Es ist daher nicht verwunderlich, dass Fausto ein polarisierendes Werk bleibt. Natürlich könnte jemand dagegen argumentieren, dass ein solch dichter und anspruchsvoller Film nicht jeden anspricht. Die experimentelle Herangehensweise kann als hermetisch oder sogar prätentiös wahrgenommen werden. Doch gerade darin liegt Bussmanns Mut: Fausto ist kein Film für jedermann, es ist ein Kunstwerk für jene, die mehr schätzen als nur visuelle Unterhaltung.

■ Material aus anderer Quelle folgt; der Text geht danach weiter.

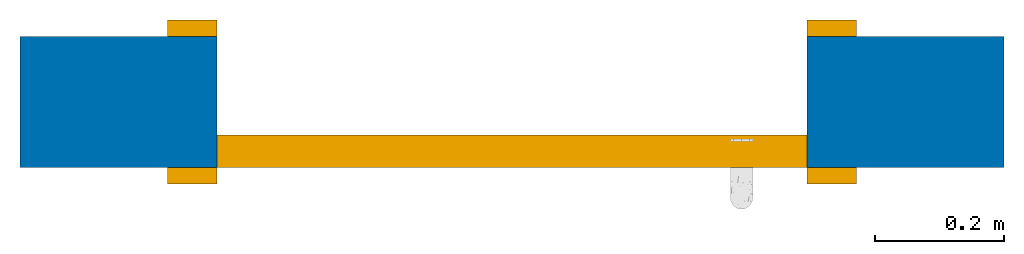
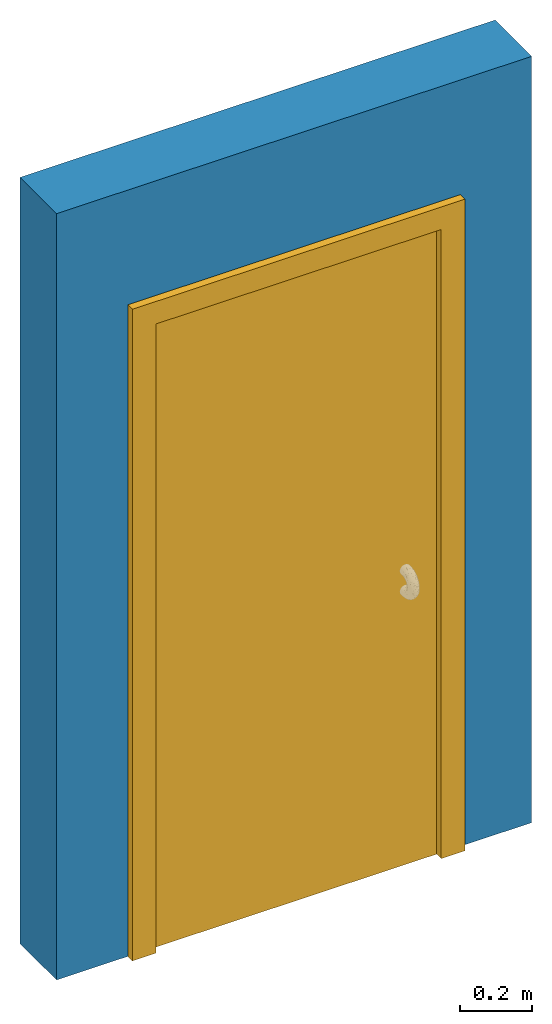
# One storey, incomplete: 1 door, 1 wall, 1 opening.
"""IFC2X3 building model written with IfcOpenShell, lengths in feet."""

from ifc_helpers import new_model, entity, si_unit, converted_unit, derived_unit, direction, frame, frame_2d, origin, place, context, subcontext, project, spatial, polyline, rectangle, outline, extrude, source, transform, mapped, material, material_list, layer, layer_set, layer_usage, type_object, type_shapes, element, fill, save


model = new_model("IFC2X3")

# Units and contexts
model_context = context("Model", 3, precision=0.0001, world=origin(), true_north=direction((6.12303176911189e-17, 1.0)))
body_context = subcontext(model_context, "Body", "Model", "MODEL_VIEW")
ifc_project = project(units=[converted_unit("LENGTHUNIT", "FOOT", entity("IfcRatioMeasure", 0.3048), si_unit("LENGTHUNIT", "METRE"), dimensions=[1, 0, 0, 0, 0, 0, 0]), converted_unit("AREAUNIT", "SQUARE FOOT", entity("IfcRatioMeasure", 0.09290304), si_unit("AREAUNIT", "SQUARE_METRE"), dimensions=[2, 0, 0, 0, 0, 0, 0]), converted_unit("VOLUMEUNIT", "CUBIC FOOT", entity("IfcRatioMeasure", 0.028316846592), si_unit("VOLUMEUNIT", "CUBIC_METRE"), dimensions=[3, 0, 0, 0, 0, 0, 0]), converted_unit("PLANEANGLEUNIT", "DEGREE", entity("IfcRatioMeasure", 0.0174532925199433), si_unit("PLANEANGLEUNIT", "RADIAN"), dimensions=[0, 0, 0, 0, 0, 0, 0]), si_unit("MASSUNIT", "GRAM", prefix="KILO"), derived_unit("MASSDENSITYUNIT", [(si_unit("MASSUNIT", "GRAM", prefix="KILO"), 1), (si_unit("LENGTHUNIT", "METRE"), -3)]), si_unit("TIMEUNIT", "SECOND"), si_unit("FREQUENCYUNIT", "HERTZ"), si_unit("THERMODYNAMICTEMPERATUREUNIT", "DEGREE_CELSIUS"), derived_unit("THERMALTRANSMITTANCEUNIT", [(si_unit("MASSUNIT", "GRAM", prefix="KILO"), 1), (si_unit("THERMODYNAMICTEMPERATUREUNIT", "KELVIN"), -1), (si_unit("TIMEUNIT", "SECOND"), -3)]), derived_unit("VOLUMETRICFLOWRATEUNIT", [(si_unit("LENGTHUNIT", "METRE"), 3), (si_unit("TIMEUNIT", "SECOND"), -1)]), si_unit("ELECTRICCURRENTUNIT", "AMPERE"), si_unit("ELECTRICVOLTAGEUNIT", "VOLT"), si_unit("POWERUNIT", "WATT"), si_unit("FORCEUNIT", "NEWTON"), si_unit("ILLUMINANCEUNIT", "LUX"), si_unit("LUMINOUSFLUXUNIT", "LUMEN"), si_unit("LUMINOUSINTENSITYUNIT", "CANDELA"), derived_unit("USERDEFINED", [(si_unit("MASSUNIT", "GRAM", prefix="KILO"), -1), (si_unit("LENGTHUNIT", "METRE"), -2), (si_unit("TIMEUNIT", "SECOND"), 3), (si_unit("LUMINOUSFLUXUNIT", "LUMEN"), 1)]), derived_unit("LINEARVELOCITYUNIT", [(si_unit("LENGTHUNIT", "METRE"), 1), (si_unit("TIMEUNIT", "SECOND"), -1)]), si_unit("PRESSUREUNIT", "PASCAL"), derived_unit("USERDEFINED", [(si_unit("LENGTHUNIT", "METRE"), -2), (si_unit("MASSUNIT", "GRAM", prefix="KILO"), 1), (si_unit("TIMEUNIT", "SECOND"), -2)])], contexts=[model_context])

# Site, building, storey
site_placement = place(None, origin())
site = spatial("IfcSite", under=ifc_project, at=site_placement, Name="Default", CompositionType="ELEMENT")
building_placement = place(site_placement, origin())
building = spatial("IfcBuilding", under=site, at=building_placement, CompositionType="ELEMENT")
storey_placement = place(building_placement, origin())
storey = spatial("IfcBuildingStorey", under=building, at=storey_placement, Name="Level 1", CompositionType="ELEMENT", Elevation=0.0)

# Wall, opening, door
ifc_material_1 = material(Name="Default Wall")
ifc_layer = layer(ifc_material_1, 0.666666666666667)
ifc_layer_set = layer_set([ifc_layer], Name="Basic Wall:Generic - 8\"")
ifc_layer_usage = layer_usage(ifc_layer_set, "AXIS2", "NEGATIVE", 0.333333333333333)
wall_type = type_object("IfcWallType", Name="Basic Wall:Generic - 8\"", PredefinedType="STANDARD", material=ifc_layer_set)
wall_placement = place(storey_placement, frame((-7.13658940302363, 6.52272376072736, 0.0)))
wall = element("IfcWallStandardCase", 1, at=wall_placement, inside=storey, type_object=wall_type, material=ifc_layer_usage, Name="Basic Wall:Generic - 8\"", ObjectType="Basic Wall:Generic - 8\"", context=body_context, shape_type="SweptSolid", body=[
    extrude(rectangle(XDim=5.0, YDim=0.666666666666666, at=frame_2d((2.5, 2.77555756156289e-17), x_axis=(-1.0, 0.0))), origin(), (0.0, 0.0, 1.0), 8.52599755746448),
])
opening_placement = place(wall_placement, frame((4.0, 0.333333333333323, 0.0)))
opening = element("IfcOpeningElement", 2, at=opening_placement, cuts=wall, Name="Single-Flush:36\" x 84\":1", ObjectType="Opening", context=body_context, shape_type="SweptSolid", body=[
    extrude(rectangle(XDim=3.0, YDim=7.0, at=frame_2d((3.5, 1.5), x_axis=(0.0, 1.0))), frame((0.0, 0.0, 0.0), z_axis=(0.0, -1.0, 0.0), x_axis=(0.0, 0.0, 1.0)), (0.0, 0.0, 1.0), 0.666666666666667),
])
ifc_material_2 = material(Name="Door - Frame")
ifc_material_3 = material(Name="Door - Panel")
ifc_material_list_1 = material_list([ifc_material_2, ifc_material_3])
ifc_material_list_2 = material_list([ifc_material_2, ifc_material_3])
door_style = type_object("IfcDoorStyle", Name="36\" x 84\"", ConstructionType="NOTDEFINED", OperationType="SINGLE_SWING_RIGHT", ParameterTakesPrecedence=False, Sizeable=False, material=ifc_material_list_2)
shared_shape = source(origin(), body_context, "Body", "SweptSolid", [
    extrude(outline(polyline([(-1.75, -3.6875), (1.75, -3.6875), (1.75, 3.5625), (1.5, 3.5625), (1.5, -3.43750000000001), (-1.5, -3.43750000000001), (-1.5, 3.5625), (-1.75, 3.5625), (-1.75, -3.6875)])), frame((1.5, 0.666666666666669, 3.5625), z_axis=(0.0, 1.0, 0.0), x_axis=(1.0, 0.0, 0.0)), (0.0, 0.0, 1.0), 0.0833333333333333),
    extrude(outline(polyline([(-3.6875, -1.74999999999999), (3.5625, -1.74999999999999), (3.5625, -1.50000000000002), (-3.4375, -1.50000000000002), (-3.4375, 1.50000000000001), (3.5625, 1.50000000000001), (3.5625, 1.75000000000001), (-3.6875, 1.75000000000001), (-3.6875, -1.74999999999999)])), frame((1.50000000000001, -0.0833333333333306, 3.5625), z_axis=(0.0, 1.0, 0.0), x_axis=(0.0, 0.0, -1.0)), (0.0, 0.0, 1.0), 0.0833333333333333),
    extrude(rectangle(XDim=0.166666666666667, YDim=3.0, at=frame_2d((-1.38777878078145e-17, 0.0), x_axis=(1.0, 0.0))), frame((1.5, 0.583333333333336, 0.0), z_axis=(0.0, 0.0, 1.0), x_axis=(0.0, 1.0, 0.0)), (0.0, 0.0, 1.0), 7.0),
])
type_shapes(door_style, [shared_shape])
door_placement = place(opening_placement, frame((0.0, 0.0, 0.0), z_axis=(0.0, 0.0, 1.0), x_axis=(-1.0, 0.0, 0.0)))
door = element("IfcDoor", 3, at=door_placement, inside=storey, type_object=door_style, material=ifc_material_list_1, Name="Single-Flush:36\" x 84\"", ObjectType="Single-Flush:36\" x 84\"", OverallHeight=7.0, OverallWidth=3.0, context=body_context, shape_type="MappedRepresentation", body=[
    mapped(shared_shape, transform((0.0, 0.0, 0.0), scale=1.0)),
])
fill(opening, door)

save(model, "model.ifc")
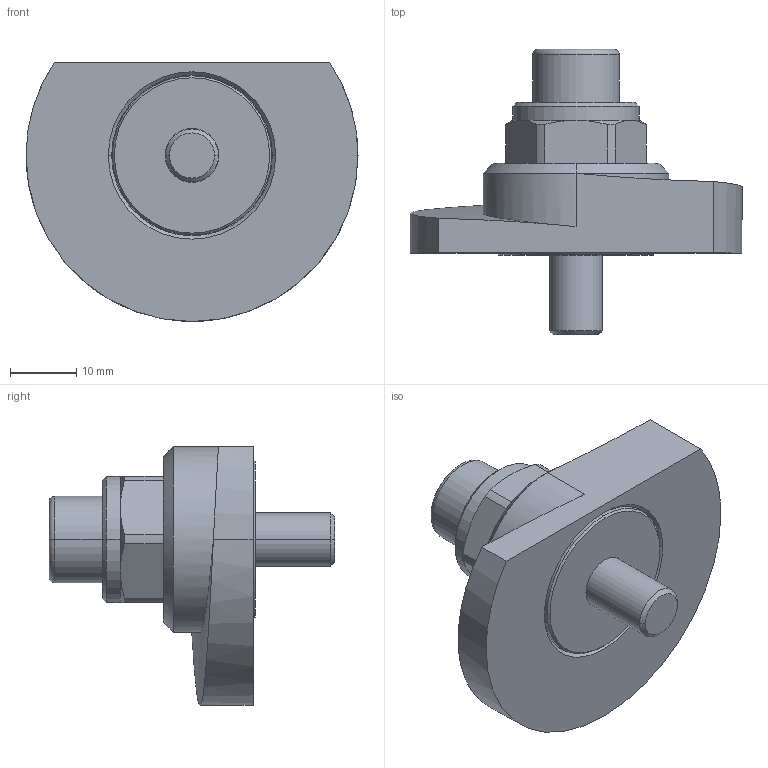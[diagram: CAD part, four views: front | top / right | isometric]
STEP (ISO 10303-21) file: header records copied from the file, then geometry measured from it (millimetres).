
FILE_DESCRIPTION (( 'STEP AP214' ), '1' );
FILE_NAME ('918.1-50-SKS-L-12.step', '2024-05-15T13:02:49', ( '' ), ( '' ), 'SwSTEP 2.0', 'SolidWorks 2022', '' );
FILE_SCHEMA (( 'AUTOMOTIVE_DESIGN' ));
Length unit declared in the file: millimetre
Products named in the file (1): 918.1-50-SKS-L-12
Bounding box: 50 x 43 x 39 mm (x, y, z)
Volume: 20705.2 mm3; surface area: 8630.2 mm2
Topology: 1 solids, 2 shells, 77 faces, 174 edges, 109 vertices
Faces by surface type: cylinder 25, plane 25, cone 22, bspline 3, torus 2
Entity records: 2537 total; most frequent: CARTESIAN_POINT 767, DIRECTION 379, ORIENTED_EDGE 348, EDGE_CURVE 174, AXIS2_PLACEMENT_3D 152, VERTEX_POINT 109, EDGE_LOOP 87, ADVANCED_FACE 77

Für die Filmkritik und das Cineastenpublikum schafft Bussmann mit Fausto eine Plattform für Diskussionen über die Tiefe und Bedeutung des Filmemachens. Es ist eine Einladung, sich mit unkonventionellen Themen auseinanderzusetzen und den persönlichen Horizont zu erweitern. Während einige das Werk als Herausforderung sehen, betrachten andere es als eine dringend notwendige Revolution im Erleben von Filmkunst. Die Fähigkeit, solch differenzierte Reaktionen hervorzurufen, spricht für das kulturelle und intellektuelle Potenzial von Fausto, das auch in Zukunft wertvolle Diskurse anregen wird.